Motown: Remove LPCM optimizations, fix prepare, add flush, add ActiveMultistreamSink model/stage

services/media/framework/engine.h

 // Copyright 2016 The Chromium Authors. All rights reserved.
 // Use of this source code is governed by a BSD-style license that can be
 // found in the LICENSE file.
 
 #ifndef SERVICES_MEDIA_FRAMEWORK_ENGINE_H_
 #define SERVICES_MEDIA_FRAMEWORK_ENGINE_H_
 
 #include <list>
 #include <queue>
 #include <stack>
+#include <unordered_map>
 
 #include "base/synchronization/lock.h"
-#include "services/media/framework/stages/active_sink_stage.h"
-#include "services/media/framework/stages/active_source_stage.h"
-#include "services/media/framework/stages/distributor_stage.h"
-#include "services/media/framework/stages/lpcm_transform_stage.h"
-#include "services/media/framework/stages/packet_transform_stage.h"
+#include "services/media/framework/refs.h"
 #include "services/media/framework/stages/stage.h"
 
 namespace mojo {
 namespace media {
 
 //
-// USAGE
-//
-// TODO(dalesat): Consider adding a suffix to Engine::Part/Input/Output to
-// indicate that they're references.
-// TODO(dalesat): Consider folding PrimeSinks into Prepare.
-//
-// Engine is a container for sources, sinks and transforms ('parts') connected
-// in a graph. Engine::Part, Engine::Input and Engine::Output are all opaque
-// references to parts and their inputs and outputs. Engine provides a variety
-// of methods for adding and removing parts and for connecting inputs and
-// outputs to form a graph.
-//
-// In addition to containing parts and representing their interconnection,
-// Engine manages the coordinated operation of its constituent parts and
-// transports media from part to part. The Prepare method prepares the graph
-// for operation, and the PrimeSinks method tells the sinks in the graph to
-// prime themselves. Any additional actions required to make the graph operate
-// (such as manipulating a rate control interface) is out of scope.
-//
-// Parts added to the engine are referenced using shared pointers. The engine
-// holds pointers to the parts it contains, and the application, in many cases,
-// also holds pointers to the parts so it can call methods that are outside the
-// engine's scope. When a part is added the Engine returns an Engine::Part
-// object, which can be used to reference the part when the graph is modified.

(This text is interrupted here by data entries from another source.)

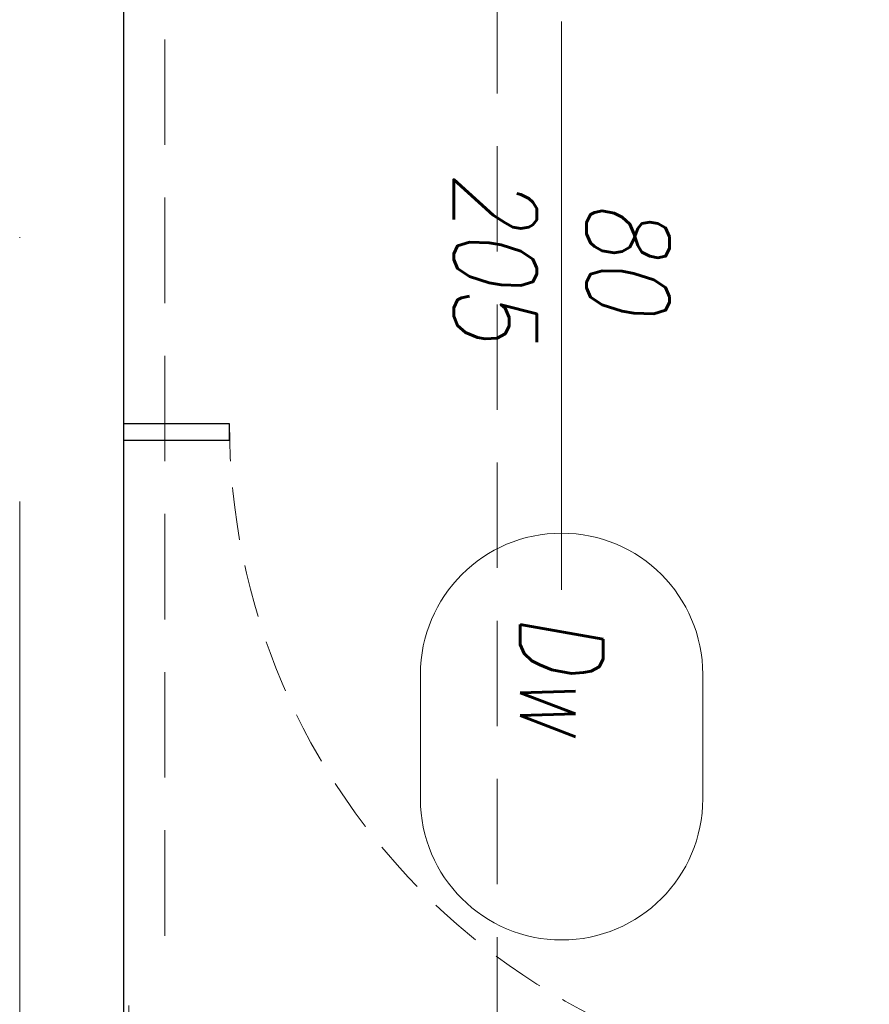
# Model space of a CAD drawing. Header units: millimetres. Extents: x 28291 to 177760, y -399809 to -170937.
# Tile 256 of 256: x 60812 to 60914, y -197945 to -197826. Entities that reach past the tile are written whole.
import ezdxf
from ezdxf.enums import TextEntityAlignment as Align

# ---------------------------------------------------------------- set-up
doc = ezdxf.new("R2010")
doc.units = ezdxf.units.MM
doc.linetypes.add('DASHDOT', pattern=[25.4, 12.7, -6.35, 0, -6.35])
doc.linetypes.add('HIDDEN', pattern=[9.525, 6.35, -3.175])
doc.layers.get('0').update_dxf_attribs({"lineweight": 0})
for name, color, linetype, lineweight in [('!! 0_ Istn-sciany', 3, 'Continuous', 30), ('!! 0_Istn-cienka', 4, 'Continuous', 9), ('!! 1_drzwi opis', 151, 'Continuous', 9), ('!! wymiary osi', 250, 'Continuous', 9), ('0-osie-liniA', 14, 'DASHDOT', 5)]:
    doc.layers.add(name, color=color, linetype=linetype, lineweight=lineweight)
doc.layers.add('!! 1_drzwi linia - do wykonania', color=7, linetype='Continuous', lineweight=13, true_color=0x000000)
doc.layers.add('!! 1_drzwi-linia - zrealizowane', color=7, linetype='Continuous', lineweight=5, true_color=0x7a7a7a)
doc.layers.add('!! 1_zabudowa GK', color=33, linetype='Continuous')
doc.styles.add('50', font='ROMANS.shx', dxfattribs={"width": 0.8, "height": 10})
doc.styles.add('ARCHETYP', font='romans.shx', dxfattribs={"height": 15})
doc.styles.add('TXT', font='simplex.shx')
doc.dimstyles.new('DIM50', dxfattribs={"dimscale": 5, "dimtxt": 2.5, "dimasz": 1.5, "dimexe": 0, "dimexo": 0, "dimgap": 0.5, "dimtad": 1, "dimdec": 4, "dimrnd": 0.5, "dimdsep": 46, "dimtxsty": 'TXT', "dimblk1": 'TICK1', "dimblk2": 'TICK1', "dimsah": 1, "dimcen": 0, "dimse1": 1, "dimse2": 1, "dimclrd": 1, "dimclre": 7, "dimclrt": 9, "dimadec": 0, "dimazin": 0, "dimtfac": 1, "dimtdec": 4, "dimtmove": 2, "dimatfit": 3, "dimldrblk": 'TICK1', "dimfxl": 1, "dimtolj": 1, "dimarcsym": 0})

# ---------------------------------------------------------------- blocks, each defined once
blk = doc.blocks.new('BLOK OSI')
at = {"layer": '0-osie-liniA', "ltscale": 5}
blk.add_lwpolyline([(51992.21142, -199661.23318), (51992.21142, -193642.4104)], dxfattribs=at)
blk = doc.blocks.new('drzwi 80-205')
blk.add_lwpolyline([(61128.31, -197571.09), (61128.31, -197491.09), (61131.31, -197491.09), (61131.31, -197571.09)], close=True)
blk.add_lwpolyline([(61088.31, -197551.09), (61088.31, -197591.09)])
at = {"linetype": 'HIDDEN'}
blk.add_arc((61128.31, -197571.09), 80, 88.0898, 180, dxfattribs=at)
blk = doc.blocks.new('1_ok-opis')
blk.add_line((0, 111.61), (0, 50))
for points in [[(-17, 128.61), (-17, 143.61)], [(17, 128.61), (17, 143.61)]]:
    blk.add_lwpolyline(points)
for centre, start, end in [((0, 143.61), 0, 180), ((0, 128.61), 180, 0)]:
    blk.add_arc(centre, 17, start, end)
at = {"style": 'ARCHETYP'}
for tag, height, rotation, p in [('NR', 12, 90, (0, 136.9)), ('NR', 12, 270, (0, 136.9)), ('SZEROKOŚĆ', 10, 270, (8, 78.29)), ('SZEROKOŚĆ', 10, 90, (-8, 78.29)), ('WYSOKOŚĆ', 10, 270, (-8, 78.29)), ('WYSOKOŚĆ', 10, 90, (8, 78.29))]:
    blk.add_attdef(tag, text='', height=height, rotation=rotation, dxfattribs=at).set_placement(p, align=Align.MIDDLE)
blk = doc.blocks.new('TICK1')
at = {"color": 0}
for p, q in [((0, -1.4), (0, 1.4)), ((0, 0), (-1, 0))]:
    blk.add_line(p, q, dxfattribs=at)
at = {"color": 2}
blk.add_line((-1, -1), (1, 1), dxfattribs=at)
blk = doc.blocks.new('*D2804')
at = {"layer": '!! wymiary osi', "color": 1, "lineweight": -2, "transparency": 16777216}
blk.add_line((61127.94, -197955.16), (60832.71, -197955.16), dxfattribs=at)
at = {"layer": 'DEFPOINTS', "color": 0, "transparency": 16777216}
for p in [(61135.44, -197906.13), (60825.21, -197919.82), (60825.21, -197955.16)]:
    blk.add_point(p, dxfattribs=at)
at = {"layer": '!! wymiary osi', "color": 1, "lineweight": -2, "transparency": 16777216, "xscale": 7.5, "yscale": 7.5, "zscale": 7.5, "rotation": 180}
blk.add_blockref('TICK1', (60825.21, -197955.16), dxfattribs=at)
at = {"layer": '!! wymiary osi', "color": 1, "lineweight": -2, "transparency": 16777216, "xscale": 7.5, "yscale": 7.5, "zscale": 7.5}
blk.add_blockref('TICK1', (61135.44, -197955.16), dxfattribs=at)
at = {"layer": '!! wymiary osi', "color": 9, "transparency": 16777216, "insert": (60980.32, -197946.41), "char_height": 12.5, "attachment_point": 5, "style": 'TXT'}
blk.add_mtext('\\A1;310', dxfattribs=at)

msp = doc.modelspace()

# ---------------------------------------------------------------- linework, layer by layer
at = {"layer": '!! 0_ Istn-sciany'}
msp.add_lwpolyline([(60824.56735, -197630.12813), (60824.56735, -198096.12813)], dxfattribs=at)
at = {"layer": '!! 0_Istn-cienka', "linetype": 'HIDDEN', "ltscale": 2}
for points in [[(60829.56735, -197371.12813), (60829.56735, -197941.12813)], [(60869.56735, -197441.12813), (60869.56735, -197971.12813)]]:
    msp.add_lwpolyline(points, dxfattribs=at)
at = {"layer": '!! 1_zabudowa GK'}
for points in [[(60837.33723, -197874.62813), (60824.56735, -197874.62813)], [(60837.33723, -197876.62813), (60837.33723, -197874.62813)], [(60837.33723, -197876.62813), (60824.56735, -197876.62813)]]:
    msp.add_lwpolyline(points, dxfattribs=at)

# ---------------------------------------------------------------- block references
at = {"layer": '!! 1_drzwi linia - do wykonania', "xscale": -1, "rotation": 180}
msp.add_blockref('drzwi 80-205', (-210.97643, -395445.71644), dxfattribs=at)
at = {"layer": '!! 1_drzwi opis'}
ref = msp.add_blockref('1_ok-opis', (60877.33724, -197776.17696), dxfattribs=dict(at, xscale=-1, rotation=179.9999963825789))
ref.add_attrib('WYSOKOŚĆ', '80', dxfattribs={"layer": '0', "height": 10, "rotation": 269.9999964, "style": '50', "oblique": 10, "width": 0.8}).set_placement((60885.33723, -197854.46781), align=Align.MIDDLE)
ref.add_attrib('SZEROKOŚĆ', '205', dxfattribs={"layer": '0', "height": 10, "rotation": 269.9999964, "style": '50', "oblique": 10, "width": 0.8}).set_placement((60869.33723, -197854.46781), align=Align.MIDDLE)
ref.add_attrib('NR', 'Dw', dxfattribs={"layer": '0', "height": 10, "rotation": 269.9999964, "style": '50', "oblique": 10, "width": 0.8}).set_placement((60877.33723, -197904.78821), align=Align.MIDDLE)
at = {"layer": '!! 1_drzwi-linia - zrealizowane'}
msp.add_blockref('BLOK OSI', (8819.85593, 61.46017), dxfattribs=at)

# ---------------------------------------------------------------- dimensions: what is measured, and where the dimension line sits
at = {"layer": '!! wymiary osi'}
dim = msp.add_linear_dim(base=(60825.20935, -197955.16232), p1=(61135.43682, -197906.12805), p2=(60825.20935, -197919.81822), dimstyle='DIM50', dxfattribs=at)
dim.commit()
dim.dimension.update_dxf_attribs({"geometry": '*D2804', "text_midpoint": (60980.32308, -197946.41232)})

doc.saveas('drawing.dxf')

-// Engine::Part objects can be interrogated to retrieve inputs (as Engine::Input
-// objects) and outputs (as Engine::Output objects).
-//
-// Some support is provided for modifying graphs that are operating. This
-// capability isn't fully developed at the moment. Prepare(Part) is an example
-// of a method provided for this purpose.
-//
-// Parts come in various flavors, defined by 'model' abstract classes. The
-// current list of supported models is:
-//
-//  ActiveSink              - a sink that consumes packets asynchronously
-//  ActiveSource            - a source that produces packets asynchronously
-//  LpcmMixer               - a transform that mixes LPCM frames from multiple
-//                            inputs and produces a single stream of LPCM frames
-//                            via one output
-//  LpcmSource              - a source that produces LPCM frames synchronously
-//  LpcmTransform           - a synchronous transform with one LPCM input and
-//                            one LPCM output
-//  MultiStreamPacketSource - a source that produces multiple streams of packets
-//                            synchronously
-//  PacketTransform         - a synchronous transform that consumes and produces
-//                            packets via one input and one output
-//
-// Other models will be defined in the future as needed.
-//
-
-//
 // DESIGN
 //
-// The Engine is implemented as a system of cooperating objects. Of those
-// objects, only the engine itself is of relevance to code that uses Engine and
-// to part implementations. The other objects are:
-//
-// Stage
-// A stage hosts a single part. There are many subclasses of Stage, one for
-// each supported part model. The stage's job is to implement the contract
-// represented by the model so the parts that conform to the model can
-// participate in the operation of the engine. Stages are uniform with respect
-// to how they interact with engine. Engine::Part references a stage.
-//
-// StageInput
-// A stage possesses zero or more StageInput instances. StageInput objects
-// implement the supply of media into the stage and demand for media signalled
-// upstream. StageInputs receive media from StageOutputs in the form of packets
-// (type Packet). LpcmStageInput is a subclass of StageInput that interoperates
-// with LpcmStageInputs in a way that provides optimizations relavant to LPCM
-// audio media. Engine::Input references a StageInput.
-//
-// StageOutput
-// A stage possesses zero or more StageOutput instances. StageOutput objects
-// implement the supply of media output of the stage to a downstream input and
-// demand for media signalled from that input. LpcmStageOutput implements
-// optimized LPCM flow. Engine::Output references a StageOutput.
-//
-// Engine uses a 'work list' algorithm to operate the contained graph. The
+// Engine uses a 'work list' algorithm to operate the graph. The
 // engine has a backlog of stages that need to be updated. To advance the
 // operation of the graph, the engine removes a stage from the backlog and calls
 // the stage's Update method. The Stage::Update may cause stages to be added
 // synchronously to the the backlog. This procedure continues until the backlog
 // is empty.
 //
 // Stage::Update is the stage's opportunity to react to the supply of new media
 // via its inputs and the signalling of new demand via its outputs. During
 // Update, the stage does whatever work it can with the current supply and
 // demand, possibly supplying media downstream through its outputs and/or
@@ skipping 23 matching lines @@
 //    call, because the lock is taken for the duration of Update, and the
 //    callback will take the lock. Update callbacks may occur during Engine::
 //    PrimeSinks, and they generally will.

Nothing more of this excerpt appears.